How would you count every occurrence of a term in all files in the current directory?

command-line files directory grep

7,708

Solution 1

Using grep + wc (this will cater for multiple occurences of the term on the same line):

grep -rFo foo | wc -l

-r in grep: searches recursively in the current directory hierarchy;
-F in grep: matches against a fixed string instead of against a pattern;
-o in grep: prints only matches;
-l in wc: prints the count of the lines;

% tree                 
.
├── dir
│   └── file2
└── file1

1 directory, 2 files
% cat file1 
line1 foo foo
line2 foo
line3 foo
% cat dir/file2 
line1 foo foo
line2 foo
line3 foo
% grep -rFo foo | wc -l
8

Solution 2

grep -Rc [term] * will do that. The -R flag means you want to recursively search the current directory and all of its subdirectories. The * is a file selector meaning: all files. The -c flag makes grep output only the number of occurrences. However, if the word occurs multiple times on a single line, it is counted only once.

From man grep:

  -r, --recursive
          Read all files under each directory, recursively, following symbolic links only if they are on the command line.
          This is equivalent to the -d recurse option.

   -R, --dereference-recursive
          Read all files under each directory, recursively.  Follow all symbolic links, unlike -r.

If you have no symbolic links in your directory, there is no difference.

Solution 3

As a variant of @kos's nice answer, if you are interested in itemizing the counts, you can use grep's -c switch to count occurrences:

$ grep -rFoc foo
file1:3
dir/file2:3

Solution 4

In a small python script:

#!/usr/bin/env python3
import os
import sys

s = sys.argv[1]
n = 0
for root, dirs, files in os.walk(os.getcwd()):
    for f in files:
        f = root+"/"+f      
        try:
            n = n + open(f).read().count(s)
        except:
            pass
print(n)

Save it as count_string.py.

Run it from the directory with the command:

  python3 /path/to/count_string.py <term>

Notes

If the term includes spaces, use quotes.
It counts every occurence of the term recursively, also if multiple occurences in one line.

Explanation:

# get the current working directory
currdir = os.getcwd()
# get the term as argument
s = sys.argv[1]
# count occurrences, set start to 0 
n = 0
# use os.walk() to read recursively
for root, dirs, files in os.walk(currdir):
    for f in files:
        # join the path(s) above the file and the file itself
        f = root+"/"+f
        # try to read the file (will fail if the file is unreadable for some reason)
        try:
            # add the number of found occurrences of <term> in the file
            n = n + open(f).read().count(s)
        except:
            pass
print(n)

View more solutions

7,708

TellMeWhy

I Wonder

Updated on September 18, 2022

Comments

TellMeWhy almost 2 years

How would you count every occurrence of a term in all files in the current directory? - and subdirectories(?)
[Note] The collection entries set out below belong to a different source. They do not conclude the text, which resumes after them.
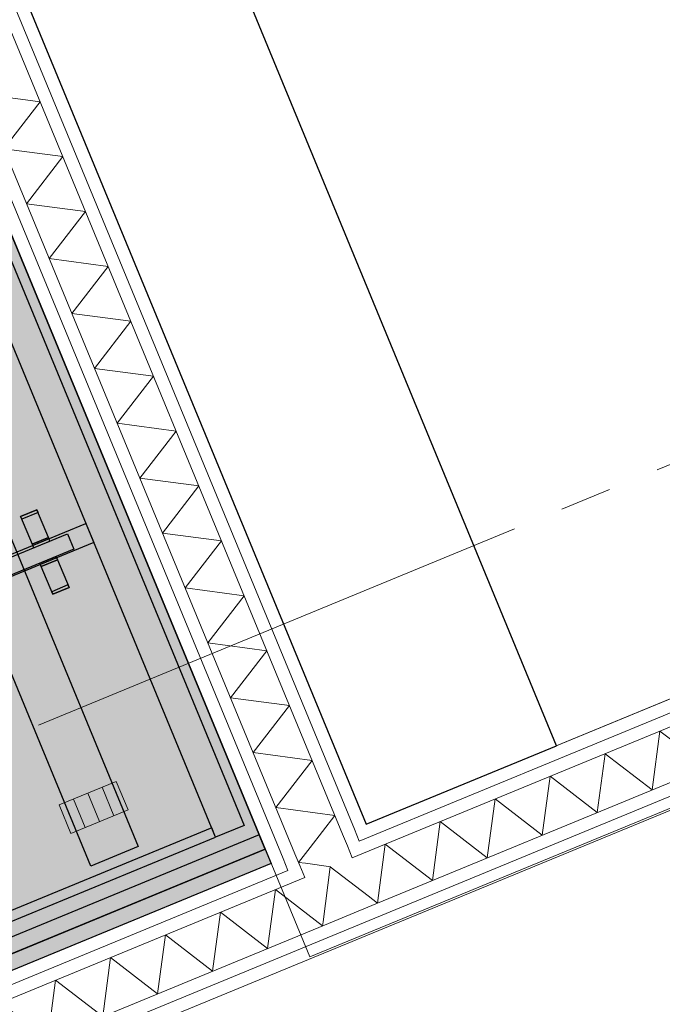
# Model space of a CAD drawing. Header units: millimetres. Extents: x -76965 to -69, y -21129 to 30747.
# Tile 27 of 65: x -25033 to -24409, y 11441 to 12399. Entities that reach past the tile are written whole.
import ezdxf
from ezdxf.enums import TextEntityAlignment as Align

# ---------------------------------------------------------------- set-up
doc = ezdxf.new("R2010")
doc.units = ezdxf.units.MM
doc.header["$MEASUREMENT"] = 0
doc.linetypes.add('B0204', pattern=[650, 500, -50, 50, -50])
doc.linetypes.add('B0702', pattern=[58.685, 39.06, -19.625001])
for name, color, linetype in [('007 Stramien', 7, 'Continuous'), ('022 Binnenwanden', 7, 'Continuous'), ('022 Binnenwanden Doorsnede-arcering', 7, 'Continuous'), ('022 Binnenwanden Laagscheidingslijnen', 7, 'Continuous'), ('079 Vaste inrichting', 7, 'Continuous'), ('079 Vaste inrichting 2D arcering', 7, 'Continuous'), ('079 Vaste inrichting Afdek-arcering', 7, 'Continuous'), ('102 Teksten ruimten _ Zones', 7, 'Continuous'), ('102 Teksten ruimten _ Zones Zone omranding', 7, 'Continuous'), ('102 Teksten ruimten _ Zones Zone tekst', 7, 'Continuous')]:
    doc.layers.add(name, color=color, linetype=linetype)
doc.styles.add('GENERATED_STYLE_1', font='txt')

# ---------------------------------------------------------------- blocks, each defined once
blk = doc.blocks.new('miva_1.7_11_1', base_point=(-23722.31, 12827.05))
at = {"layer": '102 Teksten ruimten _ Zones Zone omranding', "color": 2, "linetype": 'Continuous', "lineweight": 0}
for p, q in [((-25192.47, 12817.61), (-24696.73, 11616.28)), ((-24696.73, 11616.28), (-22478.2, 12531.78))]:
    blk.add_line(p, q, dxfattribs=at)
at = {"layer": '102 Teksten ruimten _ Zones Zone tekst', "color": 2, "lineweight": 0, "style": 'GENERATED_STYLE_1'}
for tag, height, p in [('ROOM_LSIZE', 150, (-23493.38, 13184.73)), ('ROOM_NAME', 250, (-23343.52, 12798.72)), ('ROOM_NUMBER', 150, (-23253.61, 12603.68))]:
    blk.add_attdef(tag, text='', height=height, rotation=202.42397, dxfattribs=at).set_placement(p, align=Align.TOP_LEFT)
blk = doc.blocks.new('*X75')
at = {"layer": '022 Binnenwanden Doorsnede-arcering', "color": 250, "linetype": 'Continuous', "lineweight": 0, "true_color": 0x3f3f3f}
for p, q in [((-25070.9, 12326.38), (-25013.67, 12318.77)), ((-25048.87, 12273.01), (-25013.67, 12318.77)), ((-25048.87, 12273.01), (-24991.64, 12265.4)), ((-25026.85, 12219.64), (-24991.64, 12265.4)), ((-25026.85, 12219.64), (-24969.62, 12212.03)), ((-25004.83, 12166.27), (-24969.62, 12212.03)), ((-25004.83, 12166.27), (-24947.59, 12158.66)), ((-24982.8, 12112.9), (-24947.59, 12158.66)), ((-24982.8, 12112.9), (-24925.57, 12105.29)), ((-24960.78, 12059.53), (-24925.57, 12105.29)), ((-24960.78, 12059.53), (-24903.55, 12051.92)), ((-24938.76, 12006.16), (-24903.55, 12051.92)), ((-24938.76, 12006.16), (-24881.52, 11998.55)), ((-24916.73, 11952.8), (-24881.52, 11998.55)), ((-24916.73, 11952.8), (-24859.5, 11945.18)), ((-24894.71, 11899.43), (-24859.5, 11945.18)), ((-24894.71, 11899.43), (-24837.48, 11891.81)), ((-24872.69, 11846.06), (-24837.48, 11891.81)), ((-24872.69, 11846.06), (-24815.45, 11838.44)), ((-24850.66, 11792.69), (-24815.45, 11838.44)), ((-24850.66, 11792.69), (-24793.43, 11785.07)), ((-24828.64, 11739.32), (-24793.43, 11785.07)), ((-24828.64, 11739.32), (-24771.41, 11731.71)), ((-24806.61, 11685.95), (-24771.41, 11731.71)), ((-24806.61, 11685.95), (-24749.38, 11678.34)), ((-24784.59, 11632.58), (-24749.38, 11678.34)), ((-24784.59, 11632.58), (-24727.36, 11624.97)), ((-24751.4, 11593.72), (-24727.36, 11624.97))]:
    blk.add_line(p, q, dxfattribs=at)
blk = doc.blocks.new('Wall_17_1', base_point=(-25509.38, 13585.57))
at = {"layer": '022 Binnenwanden', "color": 1, "linetype": 'Continuous', "lineweight": 0, "flags": 128}
for points in [[(-24696.73, 11616.28), (-25509.38, 13585.57)], [(-25601.82, 13547.43), (-24789.17, 11578.14)]]:
    blk.add_lwpolyline(points, dxfattribs=at)
at = {"layer": '022 Binnenwanden Laagscheidingslijnen', "color": 9, "linetype": 'Continuous', "lineweight": 0}
for p, q in [((-24719.84, 11606.75), (-25532.49, 13576.04)), ((-24708.29, 11611.52), (-25520.93, 13580.8)), ((-25578.71, 13556.96), (-24766.06, 11587.67)), ((-25590.26, 13552.19), (-24777.62, 11582.91))]:
    blk.add_line(p, q, dxfattribs=at)
at = {"layer": '022 Binnenwanden', "color": 1, "lineweight": 0}
blk.add_blockref('*X75', (0, 0), dxfattribs=at)
blk = doc.blocks.new('*X94')
at = {"layer": '022 Binnenwanden Doorsnede-arcering', "color": 250, "linetype": 'Continuous', "lineweight": 0, "true_color": 0x3f3f3f}
for q in [(-24751.4, 11593.72), (-24755.94, 11578.33)]:
    blk.add_line((-24762.57, 11579.21), q, dxfattribs=at)
blk = doc.blocks.new('*X95')
at = {"layer": '022 Binnenwanden Doorsnede-arcering', "color": 250, "linetype": 'Continuous', "lineweight": 0, "true_color": 0x3f3f3f}
blk.add_line((-24755.94, 11578.33), (-24731.16, 11575.03), dxfattribs=at)
blk = doc.blocks.new('*X96')
at = {"layer": '022 Binnenwanden Doorsnede-arcering', "color": 250, "linetype": 'Continuous', "lineweight": 0, "true_color": 0x3f3f3f}
for p, q in [((-24792.67, 11495.56), (-24785.06, 11552.79)), ((-24739.3, 11517.58), (-24785.06, 11552.79)), ((-24846.04, 11473.54), (-24838.43, 11530.77)), ((-24792.67, 11495.56), (-24838.43, 11530.77)), ((-24739.3, 11517.58), (-24738.77, 11521.54)), ((-24899.41, 11451.51), (-24891.8, 11508.74)), ((-24846.04, 11473.54), (-24891.8, 11508.74)), ((-24952.78, 11429.49), (-24945.16, 11486.72)), ((-24899.41, 11451.51), (-24945.16, 11486.72)), ((-25006.15, 11407.47), (-24998.53, 11464.7)), ((-24952.78, 11429.49), (-24998.53, 11464.7)), ((-25059.52, 11385.44), (-25051.9, 11442.67)), ((-25006.15, 11407.47), (-25051.9, 11442.67)), ((-25112.88, 11363.42), (-25105.27, 11420.65)), ((-25059.52, 11385.44), (-25105.27, 11420.65)), ((-25166.25, 11341.4), (-25158.64, 11398.63)), ((-25112.88, 11363.42), (-25158.64, 11398.63)), ((-25219.62, 11319.37), (-25212.01, 11376.6)), ((-25166.25, 11341.4), (-25212.01, 11376.6)), ((-25272.99, 11297.35), (-25265.38, 11354.58)), ((-25219.62, 11319.37), (-25265.38, 11354.58)), ((-25326.36, 11275.33), (-25318.75, 11332.56)), ((-25272.99, 11297.35), (-25318.75, 11332.56)), ((-25379.73, 11253.3), (-25372.12, 11310.53)), ((-25326.36, 11275.33), (-25372.12, 11310.53)), ((-25433.1, 11231.28), (-25425.49, 11288.51)), ((-25379.73, 11253.3), (-25425.49, 11288.51)), ((-25486.47, 11209.25), (-25478.86, 11266.49)), ((-25433.1, 11231.28), (-25478.86, 11266.49)), ((-25539.84, 11187.23), (-25532.23, 11244.46)), ((-25486.47, 11209.25), (-25532.23, 11244.46)), ((-25593.21, 11165.21), (-25585.6, 11222.44)), ((-25539.84, 11187.23), (-25585.6, 11222.44)), ((-25646.58, 11143.18), (-25638.97, 11200.42)), ((-25593.21, 11165.21), (-25638.97, 11200.42)), ((-25699.95, 11121.16), (-25692.34, 11178.39)), ((-25646.58, 11143.18), (-25692.34, 11178.39)), ((-25753.32, 11099.14), (-25745.71, 11156.37)), ((-25699.95, 11121.16), (-25745.71, 11156.37)), ((-25801.68, 11114.8), (-25799.08, 11134.35)), ((-25753.32, 11099.14), (-25799.08, 11134.35))]:
    blk.add_line(p, q, dxfattribs=at)
blk = doc.blocks.new('*X97')
at = {"layer": '022 Binnenwanden Doorsnede-arcering', "color": 250, "linetype": 'Continuous', "lineweight": 0, "true_color": 0x3f3f3f}
for p in [(-24738.77, 11521.54), (-24695.02, 11546.6)]:
    blk.add_line(p, (-24731.69, 11574.81), dxfattribs=at)
blk = doc.blocks.new('*X98')
at = {"layer": '022 Binnenwanden Doorsnede-arcering', "color": 250, "linetype": 'Continuous', "lineweight": 0, "true_color": 0x3f3f3f}
for p, q in [((-24098.86, 11781.86), (-24091.25, 11839.1)), ((-24045.5, 11803.89), (-24091.25, 11839.1)), ((-24045.5, 11803.89), (-24043.01, 11822.61)), ((-24152.23, 11759.84), (-24144.62, 11817.07)), ((-24098.86, 11781.86), (-24144.62, 11817.07)), ((-24205.6, 11737.82), (-24197.99, 11795.05)), ((-24152.23, 11759.84), (-24197.99, 11795.05)), ((-24258.97, 11715.79), (-24251.36, 11773.03)), ((-24205.6, 11737.82), (-24251.36, 11773.03)), ((-24312.34, 11693.77), (-24304.73, 11751)), ((-24258.97, 11715.79), (-24304.73, 11751)), ((-24365.71, 11671.75), (-24358.1, 11728.98)), ((-24312.34, 11693.77), (-24358.1, 11728.98)), ((-24419.08, 11649.72), (-24411.47, 11706.95)), ((-24365.71, 11671.75), (-24411.47, 11706.95)), ((-24472.45, 11627.7), (-24464.84, 11684.93)), ((-24419.08, 11649.72), (-24464.84, 11684.93)), ((-24525.82, 11605.68), (-24518.21, 11662.91)), ((-24472.45, 11627.7), (-24518.21, 11662.91)), ((-24579.19, 11583.65), (-24571.58, 11640.88)), ((-24525.82, 11605.68), (-24571.58, 11640.88)), ((-24632.56, 11561.63), (-24624.95, 11618.86)), ((-24579.19, 11583.65), (-24624.95, 11618.86)), ((-24685.93, 11539.61), (-24678.32, 11596.84)), ((-24632.56, 11561.63), (-24678.32, 11596.84)), ((-24685.93, 11539.61), (-24695.02, 11546.6))]:
    blk.add_line(p, q, dxfattribs=at)
blk = doc.blocks.new('Wall_20_1', base_point=(-22385.77, 12569.93))
at = {"layer": '022 Binnenwanden', "color": 1, "linetype": 'Continuous', "lineweight": 0, "flags": 128}
for points in [[(-24065.38, 11876.82), (-24696.73, 11616.28)], [(-25779.58, 11061.26), (-24027.23, 11784.38)], [(-24789.17, 11578.14), (-25817.73, 11153.69)]]:
    blk.add_lwpolyline(points, dxfattribs=at)
at = {"layer": '022 Binnenwanden Laagscheidingslijnen', "color": 9, "linetype": 'Continuous', "lineweight": 0}
for p, q in [((-24060.61, 11865.26), (-24703.52, 11599.96)), ((-24055.84, 11853.71), (-24710.31, 11583.64)), ((-24691.23, 11537.42), (-24036.77, 11807.49)), ((-25784.35, 11072.81), (-24032, 11795.93)), ((-24703.52, 11599.96), (-24708.29, 11611.52)), ((-24715.07, 11595.19), (-24719.84, 11606.75)), ((-24710.31, 11583.64), (-24715.07, 11595.19)), ((-24777.62, 11582.91), (-24772.85, 11571.35)), ((-24766.06, 11587.67), (-24761.29, 11576.12)), ((-24761.29, 11576.12), (-24756.52, 11564.56)), ((-24772.85, 11571.35), (-25812.96, 11142.14)), ((-24756.52, 11564.56), (-25808.19, 11130.58)), ((-24737.45, 11518.35), (-24691.23, 11537.42)), ((-25789.12, 11084.37), (-24737.45, 11518.35))]:
    blk.add_line(p, q, dxfattribs=at)
at = {"layer": '022 Binnenwanden', "color": 1, "lineweight": 0}
for name in ['*X98', '*X94', '*X95', '*X97', '*X96']:
    blk.add_blockref(name, (0, 0), dxfattribs=at)
blk = doc.blocks.new('Slab_175_1', base_point=(-24794.89, 11592))
at = {"layer": '079 Vaste inrichting Afdek-arcering', "linetype": 'Continuous', "lineweight": 0, "true_color": 0xffffff}
blk.add_hatch(color=7, dxfattribs=at).paths.add_polyline_path([(-24794.89, 11592), (-25823.38, 11167.39), (-25817.66, 11153.53), (-24789.17, 11578.14)])
at = {"layer": '079 Vaste inrichting', "linetype": 'Continuous', "flags": 128}
blk.add_lwpolyline([(-24794.89, 11592), (-24789.17, 11578.14), (-25817.66, 11153.53), (-25823.38, 11167.39)], close=True, dxfattribs=at)
blk = doc.blocks.new('Slab_176_1', base_point=(-25822.89, 11199.17))
at = {"layer": '079 Vaste inrichting Afdek-arcering', "linetype": 'Continuous', "lineweight": 0, "true_color": 0xffffff}
blk.add_hatch(color=7, dxfattribs=at).paths.add_polyline_path([(-25822.89, 11199.17), (-24843.11, 11603.67), (-24846.93, 11612.92), (-25826.71, 11208.42)])
at = {"layer": '079 Vaste inrichting', "linetype": 'Continuous', "flags": 128}
blk.add_lwpolyline([(-25822.89, 11199.17), (-24843.11, 11603.67), (-24846.93, 11612.92), (-25826.71, 11208.42)], close=True, dxfattribs=at)
blk = doc.blocks.new('Slab_177_1', base_point=(-24961.41, 11890.21))
at = {"layer": '079 Vaste inrichting Afdek-arcering', "linetype": 'Continuous', "lineweight": 0, "true_color": 0xffffff}
blk.add_hatch(color=7, dxfattribs=at).paths.add_polyline_path([(-24961.41, 11890.21), (-24969.04, 11908.7), (-25948.82, 11504.2), (-25941.19, 11485.71)])
at = {"layer": '079 Vaste inrichting', "linetype": 'Continuous', "flags": 128}
blk.add_lwpolyline([(-24961.41, 11890.21), (-25941.19, 11485.71), (-25948.82, 11504.2), (-24969.04, 11908.7)], close=True, dxfattribs=at)
blk = doc.blocks.new('Slab_186_1', base_point=(-25012.48, 11866.87))
at = {"layer": '079 Vaste inrichting Afdek-arcering', "linetype": 'Continuous', "lineweight": 0, "true_color": 0xffffff}
blk.add_hatch(color=7, dxfattribs=at).paths.add_polyline_path([(-25012.48, 11866.87), (-25001.35, 11839.91), (-24985.49, 11846.45), (-24996.62, 11873.42)])
at = {"layer": '079 Vaste inrichting', "linetype": 'Continuous', "flags": 128}
blk.add_lwpolyline([(-25012.48, 11866.87), (-24996.62, 11873.42), (-24985.49, 11846.45), (-25001.35, 11839.91)], close=True, dxfattribs=at)
blk = doc.blocks.new('Slab_188_1', base_point=(-25032.53, 11915.44))
at = {"layer": '079 Vaste inrichting Afdek-arcering', "linetype": 'Continuous', "lineweight": 0, "true_color": 0xffffff}
blk.add_hatch(color=7, dxfattribs=at).paths.add_polyline_path([(-25032.53, 11915.44), (-25031.49, 11912.92), (-25015.64, 11919.47), (-25016.67, 11921.98)])
at = {"layer": '079 Vaste inrichting', "linetype": 'Continuous', "flags": 128}
blk.add_lwpolyline([(-25032.53, 11915.44), (-25016.67, 11921.98), (-25015.64, 11919.47), (-25031.49, 11912.92)], close=True, dxfattribs=at)
blk = doc.blocks.new('Slab_189_1', base_point=(-25013.85, 11870.19))
at = {"layer": '079 Vaste inrichting Afdek-arcering', "linetype": 'Continuous', "lineweight": 0, "true_color": 0xffffff}
blk.add_hatch(color=7, dxfattribs=at).paths.add_polyline_path([(-25013.85, 11870.19), (-25012.48, 11866.87), (-24996.62, 11873.42), (-24997.99, 11876.74)])
at = {"layer": '079 Vaste inrichting', "linetype": 'Continuous', "flags": 128}
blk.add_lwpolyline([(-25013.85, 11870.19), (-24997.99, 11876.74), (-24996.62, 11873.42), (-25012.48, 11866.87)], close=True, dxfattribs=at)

I've read that to do this you would use grep; what is the exact command?

Also, is it possible to the above with some other command?
Wayne_Yux over 8 years

you can add the -c flag to grep. Then grep counts itself and you don't need thewc
TellMeWhy over 8 years

The python guy ;) +1
TellMeWhy over 8 years

btw what's the root and f for?
Jacob Vlijm over 8 years

root is the path to the file including "above" the current directory, f is the file. Alternatively, os.path.join() could be used, but is more verbose.
TellMeWhy over 8 years

And n = n + open(f).read().count(s)?
Edward Torvalds over 8 years

you might wanna put -- before *
Edward Torvalds over 8 years

I think PCREs shouldnt be used since they are experimental
dannysauer over 8 years

The * will only expand to non-dotfiles, so you miss all those. It makes more sense to just use "." since your'e going to process arguments recursively anyway - and that will get dot files. The bigger problem here is that this will could the number of lines, not the number of occurrences of a word. If the term appears multiple times on one line, it will only be counted once by "grep -c"
dannysauer over 8 years

PCREs aren't "experimental", but they're also not always compiled in to grep (which is why I use pcregrep when I need them). In this case, they're unnecessary, though, since the question asks about a "term" which is likely a fixed string, not a pattern of any kind. So, -F would probably be faster.
kos over 8 years

@dannysauer I used PCREs because for some (wrong) reason I thought they were needed to match multiple occurences on the same line, but indeed they're not. I just didn't try using -F instead of -P. Thanks for the great suggestion, updating using -F, which indeed fits better here.
Joe over 8 years

This appears to be the only answer which counts all occurrences of the term as the OP requested. AFAIK, all the solutions using grep will count all the lines on which the term occurs, so a line which includes the term three times will only count as one occurrence.